We now know that the biomedical model is limited in its application to problems in living and behavioral models emphasizing the individual’s failure to connect with structural effects on health. However, hierarchical linear modeling can be used to investigate multiple levels of social life simultaneously and so new ways of explaining the causal effects of structure on health are likely to be forthcoming. Society does act back on individuals and, in doing so, affects their health, diseases, and mortality. This outcome needs to be more fully explained by medical sociologists in their future work.

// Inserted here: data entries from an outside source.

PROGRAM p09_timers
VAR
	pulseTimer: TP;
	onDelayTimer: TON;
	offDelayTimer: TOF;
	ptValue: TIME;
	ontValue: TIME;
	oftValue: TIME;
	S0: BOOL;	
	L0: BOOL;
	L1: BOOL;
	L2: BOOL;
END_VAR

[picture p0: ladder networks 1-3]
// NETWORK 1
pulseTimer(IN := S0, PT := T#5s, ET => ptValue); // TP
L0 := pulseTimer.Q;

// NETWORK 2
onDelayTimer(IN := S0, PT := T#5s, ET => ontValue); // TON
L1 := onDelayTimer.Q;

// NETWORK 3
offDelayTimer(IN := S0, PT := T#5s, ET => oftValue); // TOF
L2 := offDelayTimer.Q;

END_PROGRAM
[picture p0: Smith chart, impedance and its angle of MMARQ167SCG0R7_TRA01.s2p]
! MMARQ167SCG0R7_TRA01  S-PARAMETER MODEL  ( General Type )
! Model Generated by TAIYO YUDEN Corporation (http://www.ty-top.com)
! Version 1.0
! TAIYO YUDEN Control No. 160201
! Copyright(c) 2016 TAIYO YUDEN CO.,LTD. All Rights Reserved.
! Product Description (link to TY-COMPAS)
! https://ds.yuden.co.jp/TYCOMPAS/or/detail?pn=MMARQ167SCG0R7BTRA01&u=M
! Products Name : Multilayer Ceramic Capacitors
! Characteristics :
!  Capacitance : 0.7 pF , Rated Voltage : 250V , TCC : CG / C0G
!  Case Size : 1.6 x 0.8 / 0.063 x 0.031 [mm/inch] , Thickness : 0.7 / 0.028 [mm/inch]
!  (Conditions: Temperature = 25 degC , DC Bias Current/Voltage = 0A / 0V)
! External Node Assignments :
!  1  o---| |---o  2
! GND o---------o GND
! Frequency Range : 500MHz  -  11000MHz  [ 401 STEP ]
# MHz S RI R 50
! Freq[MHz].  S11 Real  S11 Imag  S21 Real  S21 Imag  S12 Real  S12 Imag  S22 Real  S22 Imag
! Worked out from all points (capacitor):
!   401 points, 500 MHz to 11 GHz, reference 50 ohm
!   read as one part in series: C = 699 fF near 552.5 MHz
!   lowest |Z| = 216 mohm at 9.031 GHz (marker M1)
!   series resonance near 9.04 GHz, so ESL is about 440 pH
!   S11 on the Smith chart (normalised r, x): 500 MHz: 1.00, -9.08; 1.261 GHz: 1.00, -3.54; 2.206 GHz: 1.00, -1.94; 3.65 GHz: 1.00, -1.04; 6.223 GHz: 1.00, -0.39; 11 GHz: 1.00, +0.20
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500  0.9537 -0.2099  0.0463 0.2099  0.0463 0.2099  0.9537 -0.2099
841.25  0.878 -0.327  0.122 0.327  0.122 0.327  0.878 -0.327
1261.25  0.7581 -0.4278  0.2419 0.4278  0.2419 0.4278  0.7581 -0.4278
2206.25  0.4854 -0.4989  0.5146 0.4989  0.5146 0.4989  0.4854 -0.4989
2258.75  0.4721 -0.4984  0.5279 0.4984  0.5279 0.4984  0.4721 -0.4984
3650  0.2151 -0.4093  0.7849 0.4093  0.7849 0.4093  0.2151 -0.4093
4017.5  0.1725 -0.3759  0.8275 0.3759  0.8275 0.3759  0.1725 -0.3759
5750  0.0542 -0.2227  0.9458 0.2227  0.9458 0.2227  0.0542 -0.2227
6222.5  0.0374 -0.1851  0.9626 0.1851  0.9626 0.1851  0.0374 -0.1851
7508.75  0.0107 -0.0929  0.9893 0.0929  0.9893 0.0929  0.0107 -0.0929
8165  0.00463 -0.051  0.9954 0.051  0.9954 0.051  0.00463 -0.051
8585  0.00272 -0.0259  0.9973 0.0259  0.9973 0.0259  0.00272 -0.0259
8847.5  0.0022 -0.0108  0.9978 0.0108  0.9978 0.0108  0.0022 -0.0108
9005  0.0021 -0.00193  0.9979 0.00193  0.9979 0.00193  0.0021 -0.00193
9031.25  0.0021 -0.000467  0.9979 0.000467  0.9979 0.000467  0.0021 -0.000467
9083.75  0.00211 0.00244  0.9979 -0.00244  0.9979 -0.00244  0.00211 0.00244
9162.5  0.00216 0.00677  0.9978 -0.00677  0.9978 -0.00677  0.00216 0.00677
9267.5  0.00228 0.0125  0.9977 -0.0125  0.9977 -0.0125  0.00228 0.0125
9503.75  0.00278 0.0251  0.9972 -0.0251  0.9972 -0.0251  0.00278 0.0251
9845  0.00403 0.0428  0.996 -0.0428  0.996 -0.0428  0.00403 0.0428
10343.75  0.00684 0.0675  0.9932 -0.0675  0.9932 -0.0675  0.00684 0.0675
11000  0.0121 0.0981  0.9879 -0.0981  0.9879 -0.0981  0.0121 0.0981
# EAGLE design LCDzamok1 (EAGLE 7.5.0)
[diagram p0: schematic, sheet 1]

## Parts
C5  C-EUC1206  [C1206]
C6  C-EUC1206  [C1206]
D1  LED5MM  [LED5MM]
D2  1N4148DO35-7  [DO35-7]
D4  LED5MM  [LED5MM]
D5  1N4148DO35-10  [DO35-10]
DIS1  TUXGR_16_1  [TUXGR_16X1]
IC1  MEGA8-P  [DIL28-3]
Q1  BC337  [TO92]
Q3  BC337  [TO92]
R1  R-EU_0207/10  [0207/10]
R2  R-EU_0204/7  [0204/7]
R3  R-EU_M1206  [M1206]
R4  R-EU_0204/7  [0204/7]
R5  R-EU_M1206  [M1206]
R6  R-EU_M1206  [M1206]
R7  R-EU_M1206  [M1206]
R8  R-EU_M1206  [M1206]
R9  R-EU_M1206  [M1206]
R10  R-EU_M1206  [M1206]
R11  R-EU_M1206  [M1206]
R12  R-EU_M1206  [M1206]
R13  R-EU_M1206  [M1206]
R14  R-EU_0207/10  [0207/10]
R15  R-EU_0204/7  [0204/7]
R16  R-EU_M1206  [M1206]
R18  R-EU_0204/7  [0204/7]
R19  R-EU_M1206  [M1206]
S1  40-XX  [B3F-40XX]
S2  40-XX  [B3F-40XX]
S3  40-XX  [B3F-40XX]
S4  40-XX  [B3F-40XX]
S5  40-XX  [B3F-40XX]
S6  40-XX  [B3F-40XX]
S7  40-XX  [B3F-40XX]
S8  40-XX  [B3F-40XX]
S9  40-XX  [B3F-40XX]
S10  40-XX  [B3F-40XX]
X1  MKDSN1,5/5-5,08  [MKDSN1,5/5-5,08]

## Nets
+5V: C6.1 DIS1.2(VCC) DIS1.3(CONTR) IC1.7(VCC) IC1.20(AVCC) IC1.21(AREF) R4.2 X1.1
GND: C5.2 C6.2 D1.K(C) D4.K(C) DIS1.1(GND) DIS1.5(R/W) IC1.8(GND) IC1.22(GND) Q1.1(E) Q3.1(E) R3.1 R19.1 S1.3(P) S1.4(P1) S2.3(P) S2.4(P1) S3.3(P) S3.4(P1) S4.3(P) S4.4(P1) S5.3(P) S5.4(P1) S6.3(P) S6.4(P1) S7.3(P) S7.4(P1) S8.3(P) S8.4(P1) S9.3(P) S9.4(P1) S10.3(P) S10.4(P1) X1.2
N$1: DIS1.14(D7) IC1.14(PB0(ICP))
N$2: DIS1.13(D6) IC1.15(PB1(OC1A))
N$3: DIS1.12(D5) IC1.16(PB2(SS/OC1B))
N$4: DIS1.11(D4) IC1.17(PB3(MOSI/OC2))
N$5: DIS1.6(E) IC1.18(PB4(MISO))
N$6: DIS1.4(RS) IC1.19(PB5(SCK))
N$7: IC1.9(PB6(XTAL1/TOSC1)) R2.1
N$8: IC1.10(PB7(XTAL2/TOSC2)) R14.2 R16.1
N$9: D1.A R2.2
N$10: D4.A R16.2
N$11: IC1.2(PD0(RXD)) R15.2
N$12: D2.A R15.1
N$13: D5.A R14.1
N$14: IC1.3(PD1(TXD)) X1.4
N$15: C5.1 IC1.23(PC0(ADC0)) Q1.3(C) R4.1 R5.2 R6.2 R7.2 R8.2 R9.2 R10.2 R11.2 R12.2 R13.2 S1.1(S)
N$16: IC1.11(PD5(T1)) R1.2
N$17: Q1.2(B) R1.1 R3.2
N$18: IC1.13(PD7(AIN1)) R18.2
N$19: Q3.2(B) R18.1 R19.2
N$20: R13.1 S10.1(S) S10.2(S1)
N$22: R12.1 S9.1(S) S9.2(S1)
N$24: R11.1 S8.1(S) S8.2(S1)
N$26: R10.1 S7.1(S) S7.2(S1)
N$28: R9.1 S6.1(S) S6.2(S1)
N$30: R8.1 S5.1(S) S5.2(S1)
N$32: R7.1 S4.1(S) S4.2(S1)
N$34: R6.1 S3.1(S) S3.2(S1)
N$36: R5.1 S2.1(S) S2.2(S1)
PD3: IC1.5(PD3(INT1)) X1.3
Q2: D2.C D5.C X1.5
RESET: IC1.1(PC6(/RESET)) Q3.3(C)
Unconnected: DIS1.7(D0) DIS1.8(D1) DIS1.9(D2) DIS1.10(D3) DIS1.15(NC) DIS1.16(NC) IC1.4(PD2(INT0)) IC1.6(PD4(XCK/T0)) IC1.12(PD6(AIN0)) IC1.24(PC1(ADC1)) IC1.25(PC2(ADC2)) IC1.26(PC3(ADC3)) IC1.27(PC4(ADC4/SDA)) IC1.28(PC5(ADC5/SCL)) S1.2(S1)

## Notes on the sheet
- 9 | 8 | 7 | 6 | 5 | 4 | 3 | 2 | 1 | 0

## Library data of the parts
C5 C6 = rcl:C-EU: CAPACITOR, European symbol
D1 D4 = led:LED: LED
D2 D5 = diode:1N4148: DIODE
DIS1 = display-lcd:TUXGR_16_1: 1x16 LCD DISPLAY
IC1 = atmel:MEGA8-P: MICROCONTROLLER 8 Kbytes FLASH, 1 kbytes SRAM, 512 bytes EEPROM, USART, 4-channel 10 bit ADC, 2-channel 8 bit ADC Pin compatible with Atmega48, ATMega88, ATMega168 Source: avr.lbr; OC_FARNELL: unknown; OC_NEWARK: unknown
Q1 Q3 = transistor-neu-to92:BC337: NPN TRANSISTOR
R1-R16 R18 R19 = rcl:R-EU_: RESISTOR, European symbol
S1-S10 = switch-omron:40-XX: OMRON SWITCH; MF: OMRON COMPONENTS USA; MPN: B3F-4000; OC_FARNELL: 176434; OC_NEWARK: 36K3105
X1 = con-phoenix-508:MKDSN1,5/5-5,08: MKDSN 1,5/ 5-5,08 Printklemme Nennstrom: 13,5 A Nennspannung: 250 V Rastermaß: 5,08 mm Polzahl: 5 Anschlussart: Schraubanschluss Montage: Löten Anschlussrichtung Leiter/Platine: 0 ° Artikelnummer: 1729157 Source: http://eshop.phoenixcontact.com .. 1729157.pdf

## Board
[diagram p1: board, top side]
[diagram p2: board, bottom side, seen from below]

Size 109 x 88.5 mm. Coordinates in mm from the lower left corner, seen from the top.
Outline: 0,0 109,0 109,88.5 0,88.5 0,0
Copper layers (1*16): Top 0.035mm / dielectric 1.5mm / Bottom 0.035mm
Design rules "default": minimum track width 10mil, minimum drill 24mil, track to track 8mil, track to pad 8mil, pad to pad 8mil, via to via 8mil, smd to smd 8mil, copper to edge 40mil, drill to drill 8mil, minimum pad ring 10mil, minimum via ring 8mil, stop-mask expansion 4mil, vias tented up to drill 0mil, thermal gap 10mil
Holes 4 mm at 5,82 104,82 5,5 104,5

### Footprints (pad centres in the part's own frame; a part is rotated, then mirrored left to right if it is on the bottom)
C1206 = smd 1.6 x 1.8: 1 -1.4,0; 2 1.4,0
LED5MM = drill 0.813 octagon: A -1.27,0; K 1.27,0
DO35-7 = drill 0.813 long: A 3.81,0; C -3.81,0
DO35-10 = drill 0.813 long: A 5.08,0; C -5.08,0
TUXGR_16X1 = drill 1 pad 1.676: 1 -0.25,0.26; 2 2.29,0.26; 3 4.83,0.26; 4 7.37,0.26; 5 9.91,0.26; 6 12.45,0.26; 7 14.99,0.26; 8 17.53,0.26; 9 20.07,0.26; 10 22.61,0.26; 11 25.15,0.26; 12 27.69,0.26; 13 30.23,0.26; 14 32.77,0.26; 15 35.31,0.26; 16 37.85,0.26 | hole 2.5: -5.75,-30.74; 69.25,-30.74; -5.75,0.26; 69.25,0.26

This does not mean that micro-level methods and theories like symbolic interaction are obsolete. Quite the contrary, qualitative research provides some of the most insightful data available on social relationships and situations. It puts a human face on what would otherwise be only a narrative of numbers. However, a neo-structuralist approach, in turn, allows medical sociologists to more accurately measure the effects of structure on individuals and assess structure’s causal qualities. The fact that structure may be able to overwhelm the influence of agency or individual-directed action in some social situations does not negate the need to account for micro-level phenomena. The ultimate goal of medical sociology, and, for that matter, all of sociology, is an accurate assessment of social life at all levels, which is only possible by accounting for the interplay of the individual and society in empirical settings. By incorporating methods which span levels of social reality, the new medical sociology should be able to take the field to an even higher level of development. The next chapter will examine the current state of sociological theory in relation to the social causation thesis and the remainder of this book will explore the coming neo-structural component of the field by further examining the causal qualities of structure in relation to health and disease.
Critical Thinking Questions
1 Do you agree that society can make people sick? If so, how?
2 What is the key link in the social transmission of smoking?
3 What are the four stages of epidemiologic transmission theory?